In the entries below, find each line bearing the string "units" and copy it.

The data Block Start

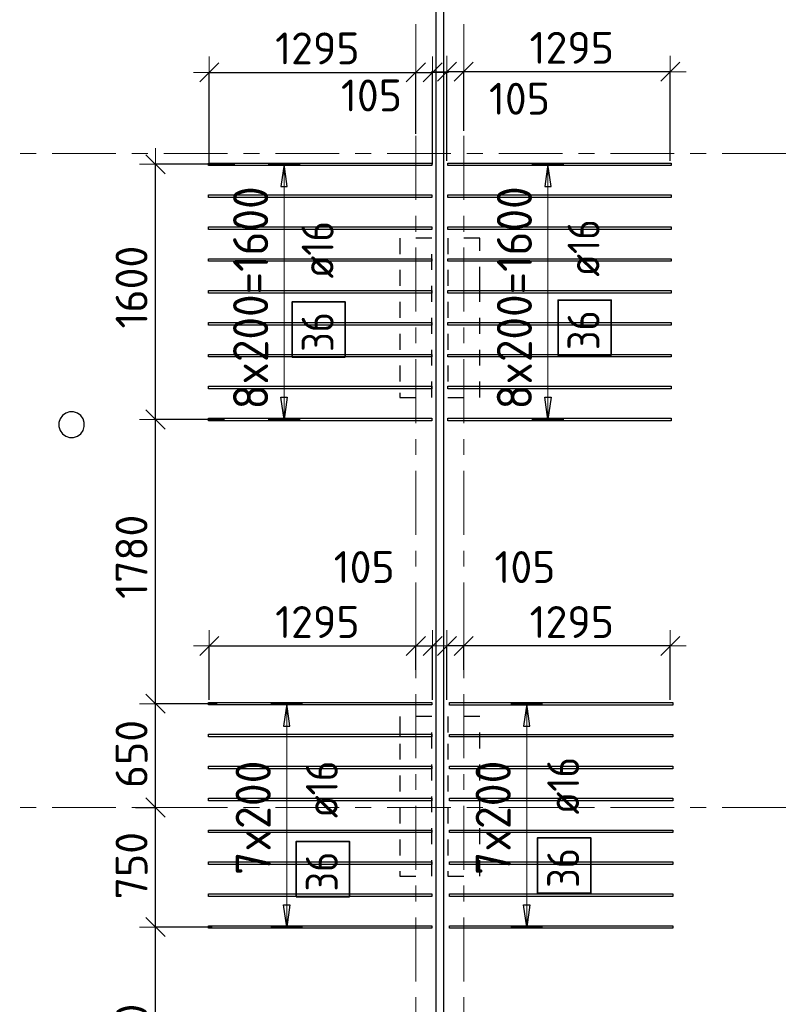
# Model space of a CAD drawing. Header units: metres. Extents: x -38 to 97, y -15 to 21.
# Tile 29 of 89: x 30 to 35, y 2 to 8. Entities that reach past the tile are written whole.
import ezdxf

# ---------------------------------------------------------------- set-up
doc = ezdxf.new("R2010")
doc.units = ezdxf.units.M
doc.header["$PDMODE"] = 65
for name, pattern in [('______11', [0.5, 0.4, -0.05, 0, -0.05]), ('______2', [0.0405, 0.03, -0.0105]), ('______5', [1.1, 0.8, -0.1, 0.1, -0.1])]:
    doc.linetypes.add(name, pattern=pattern)
for name, color, linetype, lineweight in [('XR$2$Осевая линия (1)', 7, '______5', 13), ('XR$4$Перекрытие (1)', 7, 'Continuous', 35), ('XR$4$Размерная линия (1)', 7, 'Continuous', 13)]:
    doc.layers.add(name, color=color, linetype=linetype, lineweight=lineweight)
doc.layers.add('XR$4$Арм.стержн.Доп. Арм верхн.зоны Х', color=7, linetype='Continuous', lineweight=35, true_color=0x8c8cff)
doc.layers.add('XR$5$Стена_ бетон несущ.', color=7, linetype='Continuous', lineweight=70, true_color=0xb4b496)
doc.styles.add('ISOCPEUR', font='txt')
doc.dimstyles.new('DIMSTYLE_3', dxfattribs={"dimtxt": 0.2, "dimasz": 0.2, "dimexe": 0, "dimexo": 0, "dimgap": 0.1, "dimtad": 2, "dimdec": 0, "dimlfac": 1000, "dimrnd": 5, "dimzin": 12, "dimdsep": 46, "dimtxsty": 'ISOCPEUR', "dimblk1": 'ALL_ML_STRICH', "dimblk2": 'ALL_ML_STRICH', "dimsah": 1, "dimcen": 0, "dimclrd": 7, "dimclre": 256, "dimclrt": 7, "dimadec": 0, "dimazin": 0, "dimtfac": 1, "dimtdec": 0, "dimtix": 1, "dimtmove": 2, "dimatfit": 3, "dimfxl": 0, "dimtzin": 0, "dimlwd": 0, "dimlwe": -3, "dimarcsym": 0})
doc.dimstyles.new('DIMSTYLE_33', dxfattribs={"dimtxt": 0.2, "dimasz": 0.2, "dimexe": 0, "dimexo": 0, "dimgap": 0.1, "dimtad": 2, "dimdec": 0, "dimlfac": 1000, "dimrnd": 5, "dimzin": 12, "dimdsep": 46, "dimtxsty": 'ISOCPEUR', "dimblk1": 'ALL_ML_STRICH', "dimblk2": 'ALL_ML_STRICH', "dimsah": 1, "dimcen": 0, "dimclrd": 7, "dimclre": 256, "dimclrt": 7, "dimadec": 0, "dimazin": 0, "dimtfac": 1, "dimtdec": 0, "dimtix": 1, "dimtmove": 2, "dimatfit": 3, "dimfxl": 0, "dimtvp": 1.2, "dimtzin": 0, "dimlwd": 0, "dimlwe": -3, "dimarcsym": 0})
doc.dimstyles.new('DIMSTYLE_34', dxfattribs={"dimtxt": 0.2, "dimasz": 0.2, "dimexe": 0, "dimexo": 0, "dimgap": 0.1, "dimtad": 0, "dimdec": 0, "dimlfac": 1000, "dimrnd": 5, "dimzin": 12, "dimdsep": 46, "dimtxsty": 'ISOCPEUR', "dimblk1": 'ALL_ML_STRICH', "dimblk2": 'ALL_ML_STRICH', "dimsah": 1, "dimcen": 0, "dimclrd": 7, "dimclre": 256, "dimclrt": 7, "dimadec": 0, "dimazin": 0, "dimtfac": 1, "dimtdec": 0, "dimtix": 1, "dimtmove": 2, "dimatfit": 3, "dimfxl": 0, "dimtvp": 1.2, "dimtzin": 0, "dimlwd": 0, "dimlwe": -3, "dimarcsym": 0})

# ---------------------------------------------------------------- blocks, each defined once
blk = doc.blocks.new('ALL_ML_STRICH')
at = {"color": 0, "linetype": 'ByBlock', "lineweight": -2}
for p, q in [((0, -0.5), (0, 0.5)), ((-1, 0), (0.5, 0)), ((-0.3, -0.3), (0.3, 0.3))]:
    blk.add_line(p, q, dxfattribs=at)
blk = doc.blocks.new('*D366')
at = {"layer": 'DEFPOINTS', "color": 7, "linetype": 'Continuous', "lineweight": 13, "transparency": 33554687}
for p in [(31.2924, 2.5508), (30.9177, 1.0002), (31.4952, 1.0002)]:
    blk.add_point(p, dxfattribs=at)
at = {"layer": 'XR$4$Размерная линия (1)', "color": 9, "linetype": 'Continuous', "lineweight": -2, "true_color": 0xc7c7c7, "transparency": 33554687}
for p, q in [((31.2724, 2.5508), (30.9177, 2.5508)), ((31.4752, 1.0002), (30.9177, 1.0002))]:
    blk.add_line(p, q, dxfattribs=at)
at = {"layer": 'XR$4$Размерная линия (1)', "color": 7, "linetype": 'Continuous', "lineweight": -2, "transparency": 33554687}
blk.add_line((30.9177, 1.0002), (30.9177, 2.5508), dxfattribs=at)
at = {"layer": 'XR$4$Размерная линия (1)', "color": 7, "linetype": 'Continuous', "lineweight": 13, "transparency": 33554687, "xscale": 0.2, "yscale": 0.2, "zscale": 0.2}
for p, rotation in [((30.9177, 2.5508), 90), ((30.9177, 1.0002), 270)]:
    blk.add_blockref('ALL_ML_STRICH', p, dxfattribs=dict(at, rotation=rotation))
at = {"layer": 'XR$4$Размерная линия (1)', "color": 7, "linetype": 'Continuous', "lineweight": 13, "transparency": 33554687, "insert": (30.7677, 1.8055), "char_height": 0.2, "width": 0.8, "attachment_point": 5, "rotation": 90, "style": 'ISOCPEUR'}
blk.add_mtext('\\A1;{1550}', dxfattribs=at)
blk = doc.blocks.new('*D367')
at = {"layer": 'DEFPOINTS', "color": 7, "linetype": 'Continuous', "lineweight": 13, "transparency": 33554687}
for p in [(30.7733, 3.3), (30.9177, 2.5508), (31.2924, 2.5508)]:
    blk.add_point(p, dxfattribs=at)
at = {"layer": 'XR$4$Размерная линия (1)', "color": 9, "linetype": 'Continuous', "lineweight": -2, "true_color": 0xc7c7c7, "transparency": 33554687}
for p, q in [((30.7933, 3.3), (30.9177, 3.3)), ((31.2724, 2.5508), (30.9177, 2.5508))]:
    blk.add_line(p, q, dxfattribs=at)
at = {"layer": 'XR$4$Размерная линия (1)', "color": 7, "linetype": 'Continuous', "lineweight": -2, "transparency": 33554687}
blk.add_line((30.9177, 2.5508), (30.9177, 3.3), dxfattribs=at)
at = {"layer": 'XR$4$Размерная линия (1)', "color": 7, "linetype": 'Continuous', "lineweight": 13, "transparency": 33554687, "xscale": 0.2, "yscale": 0.2, "zscale": 0.2}
for p, rotation in [((30.9177, 3.3), 90), ((30.9177, 2.5508), 270)]:
    blk.add_blockref('ALL_ML_STRICH', p, dxfattribs=dict(at, rotation=rotation))
at = {"layer": 'XR$4$Размерная линия (1)', "color": 7, "linetype": 'Continuous', "lineweight": 13, "transparency": 33554687, "insert": (30.7677, 2.9354), "char_height": 0.2, "width": 0.6, "attachment_point": 5, "rotation": 90, "style": 'ISOCPEUR'}
blk.add_mtext('\\A1;{750}', dxfattribs=at)
blk = doc.blocks.new('*D368')
at = {"layer": 'DEFPOINTS', "color": 7, "linetype": 'Continuous', "lineweight": 13, "transparency": 33554687}
for p in [(31.3249, 3.9508), (30.7733, 3.3), (30.9177, 3.3)]:
    blk.add_point(p, dxfattribs=at)
at = {"layer": 'XR$4$Размерная линия (1)', "color": 9, "linetype": 'Continuous', "lineweight": -2, "true_color": 0xc7c7c7, "transparency": 33554687}
for p, q in [((31.3049, 3.9508), (30.9177, 3.9508)), ((30.7933, 3.3), (30.9177, 3.3))]:
    blk.add_line(p, q, dxfattribs=at)
at = {"layer": 'XR$4$Размерная линия (1)', "color": 7, "linetype": 'Continuous', "lineweight": -2, "transparency": 33554687}
blk.add_line((30.9177, 3.3), (30.9177, 3.9508), dxfattribs=at)
at = {"layer": 'XR$4$Размерная линия (1)', "color": 7, "linetype": 'Continuous', "lineweight": 13, "transparency": 33554687, "xscale": 0.2, "yscale": 0.2, "zscale": 0.2}
for p, rotation in [((30.9177, 3.9508), 90), ((30.9177, 3.3), 270)]:
    blk.add_blockref('ALL_ML_STRICH', p, dxfattribs=dict(at, rotation=rotation))
at = {"layer": 'XR$4$Размерная линия (1)', "color": 7, "linetype": 'Continuous', "lineweight": 13, "transparency": 33554687, "insert": (30.7677, 3.6354), "char_height": 0.2, "width": 0.6, "attachment_point": 5, "rotation": 90, "style": 'ISOCPEUR'}
blk.add_mtext('\\A1;{650}', dxfattribs=at)
blk = doc.blocks.new('*D369')
at = {"layer": 'DEFPOINTS', "color": 7, "linetype": 'Continuous', "lineweight": 13, "transparency": 33554687}
for p in [(31.3707, 5.7325), (30.9177, 3.9508), (31.3249, 3.9508)]:
    blk.add_point(p, dxfattribs=at)
at = {"layer": 'XR$4$Размерная линия (1)', "color": 9, "linetype": 'Continuous', "lineweight": -2, "true_color": 0xc7c7c7, "transparency": 33554687}
for p, q in [((31.3507, 5.7325), (30.9177, 5.7325)), ((31.3049, 3.9508), (30.9177, 3.9508))]:
    blk.add_line(p, q, dxfattribs=at)
at = {"layer": 'XR$4$Размерная линия (1)', "color": 7, "linetype": 'Continuous', "lineweight": -2, "transparency": 33554687}
blk.add_line((30.9177, 3.9508), (30.9177, 5.7325), dxfattribs=at)
at = {"layer": 'XR$4$Размерная линия (1)', "color": 7, "linetype": 'Continuous', "lineweight": 13, "transparency": 33554687, "xscale": 0.2, "yscale": 0.2, "zscale": 0.2}
for p, rotation in [((30.9177, 5.7325), 90), ((30.9177, 3.9508), 270)]:
    blk.add_blockref('ALL_ML_STRICH', p, dxfattribs=dict(at, rotation=rotation))
at = {"layer": 'XR$4$Размерная линия (1)', "color": 7, "linetype": 'Continuous', "lineweight": 13, "transparency": 33554687, "insert": (30.7677, 4.8716), "char_height": 0.2, "width": 0.8, "attachment_point": 5, "rotation": 90, "style": 'ISOCPEUR'}
blk.add_mtext('\\A1;{1780}', dxfattribs=at)
blk = doc.blocks.new('*D370')
at = {"layer": 'DEFPOINTS', "color": 7, "linetype": 'Continuous', "lineweight": 13, "transparency": 33554687}
for p in [(31.4356, 7.3325), (30.9177, 5.7325), (31.3707, 5.7325)]:
    blk.add_point(p, dxfattribs=at)
at = {"layer": 'XR$4$Размерная линия (1)', "color": 9, "linetype": 'Continuous', "lineweight": -2, "true_color": 0xc7c7c7, "transparency": 33554687}
for p, q in [((31.4156, 7.3325), (30.9177, 7.3325)), ((31.3507, 5.7325), (30.9177, 5.7325))]:
    blk.add_line(p, q, dxfattribs=at)
at = {"layer": 'XR$4$Размерная линия (1)', "color": 7, "linetype": 'Continuous', "lineweight": -2, "transparency": 33554687}
blk.add_line((30.9177, 5.7325), (30.9177, 7.3325), dxfattribs=at)
at = {"layer": 'XR$4$Размерная линия (1)', "color": 7, "linetype": 'Continuous', "lineweight": 13, "transparency": 33554687, "xscale": 0.2, "yscale": 0.2, "zscale": 0.2}
for p, rotation in [((30.9177, 7.3325), 90), ((30.9177, 5.7325), 270)]:
    blk.add_blockref('ALL_ML_STRICH', p, dxfattribs=dict(at, rotation=rotation))
at = {"layer": 'XR$4$Размерная линия (1)', "color": 7, "linetype": 'Continuous', "lineweight": 13, "transparency": 33554687, "insert": (30.7677, 6.5625), "char_height": 0.2, "width": 0.8, "attachment_point": 5, "rotation": 90, "style": 'ISOCPEUR'}
blk.add_mtext('\\A1;{1600}', dxfattribs=at)
blk = doc.blocks.new('*D373')
at = {"layer": 'DEFPOINTS', "color": 7, "linetype": 'Continuous', "lineweight": 13, "transparency": 33554687}
for p in [(31.255, 4.3128), (32.55, 4.1428), (31.255, 3.954)]:
    blk.add_point(p, dxfattribs=at)
at = {"layer": 'XR$4$Размерная линия (1)', "color": 9, "linetype": 'Continuous', "lineweight": -2, "true_color": 0xc7c7c7, "transparency": 33554687}
for p, q in [((31.255, 3.974), (31.255, 4.3128)), ((32.55, 4.1628), (32.55, 4.3128))]:
    blk.add_line(p, q, dxfattribs=at)
at = {"layer": 'XR$4$Размерная линия (1)', "color": 7, "linetype": 'Continuous', "lineweight": -2, "transparency": 33554687}
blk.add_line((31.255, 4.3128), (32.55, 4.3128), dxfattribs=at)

The data Block End

▸ Solution to this exercise:
# Model space of a CAD drawing. Header units: metres. Extents: x -38 to 97, y -15 to 21.
doc.units = ezdxf.units.M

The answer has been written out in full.